If you are in desperate need, I think you would be very happy with either the Paperwhite or the Voyage. 

Atunah, who is not Jeff. Probably.


----------



## The Hooded Claw (Oct 12, 2009)

Actually, Jeff leaked me his plans, but I promised not to tell!  

Leaving that fib aside, any new model is likely to be announced in time for Christmas buying. If there isn't an announcement by mid-November, I would buy the Voyage or PW that appeals to your taste and your wallet.


----------



## Ann in Arlington (Oct 27, 2008)

If the 'new' price seems too high, there are Certified Refurbished Amazon Devices available. The page does include some of the current batch of eInk devices.


----------



## jlee745 (Jul 27, 2010)

Got some new gossip!!!
http://goodereader.com/blog/electronic-readers/what-do-you-want-out-of-the-kindle-voyage-2-and-new-paperwhite


----------



## -alex- (Jul 12, 2011)

Thanks all. I will try to hold out to the end of the month.


----------



## Linjeakel (Mar 17, 2010)

jlee745 said:


> Got some new gossip!!!
> http://goodereader.com/blog/electronic-readers/what-do-you-want-out-of-the-kindle-voyage-2-and-new-paperwhite


The thing about that is that it's seems highly unlikely there'll be another new Paperwhite announced in October when the last one only just came out in June - and if they're wrong about that, then it makes the rest of their predictions less likely too.

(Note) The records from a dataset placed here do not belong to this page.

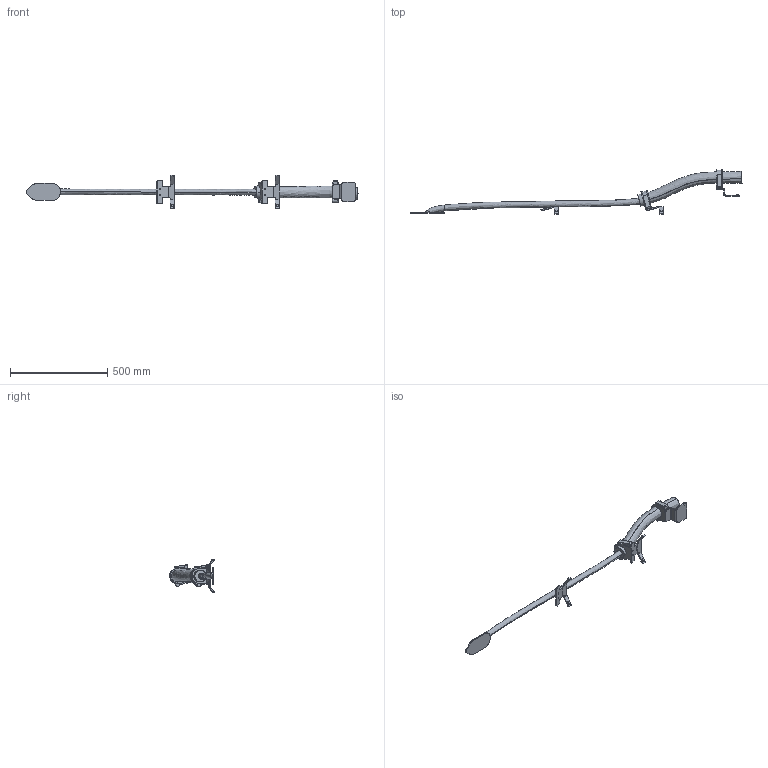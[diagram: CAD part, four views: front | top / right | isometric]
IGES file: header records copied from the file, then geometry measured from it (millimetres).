
Start section: SolidWorks IGES file using analytic representation for surfaces
Global section: file name: N:\DM\Robotics\SEROP_PROJ\Product Development\DevelopmentProjects\Manipulator_Modularity\04. Product Design\06. CAD\Amanda\6730S Simulation models\\IRB6730S-MH3_150kg-400_OC_01_IGES_J\IRB6730S-MH3_150kg-400-OC_00_LINK04_CABLE.igs; native system: SolidWorks 2024; preprocessor: SolidWorks 2024; author: SEJOHLUN; date: 251219.145006; units: millimetre
Bounding box: 1706.5 x 230.26 x 174.65 mm (x, y, z)
Surface area: 348077.7 mm2 (no closed solid volume)
Topology: 0 solids, 0 shells, 343 faces, 4455 edges, 4455 vertices
Faces by surface type: bspline 235, revolution 108

Patience people! We'll find out for sure when Amazon are good and ready.


----------



## Ann in Arlington (Oct 27, 2008)

I had exactly the same reaction, Linda!

If they are going to announce something, it should be soon to make the holiday present season.


----------



## ElaineOK (Jun 5, 2009)

Have announcements usually been in early October?  

Elaine 
Oklahoma


----------



## tsemple (Apr 27, 2009)

ElaineOK said:


> Have announcements usually been in early October?
> 
> Elaine
> Oklahoma


There is no 'usually', but Amazon has never announced a new Kindle this late in a calendar year. Based on history (and probably common sense, given the impending holiday gift purchasing season) one would have to conclude we won't see another one ship this year (in case anyone has forgotten, the Paperwhite 3rd gen shipped in June). The latest ship date was Kindle Voyage last year (Oct 21) but it had already been announced by Sep 18.


----------



## The Hooded Claw (Oct 12, 2009)

The Hooded Claw said:


> ...any new model is likely to be announced in time for Christmas buying. If there isn't an announcement by mid-November, I would buy the Voyage or PW that appeals to your taste and your wallet.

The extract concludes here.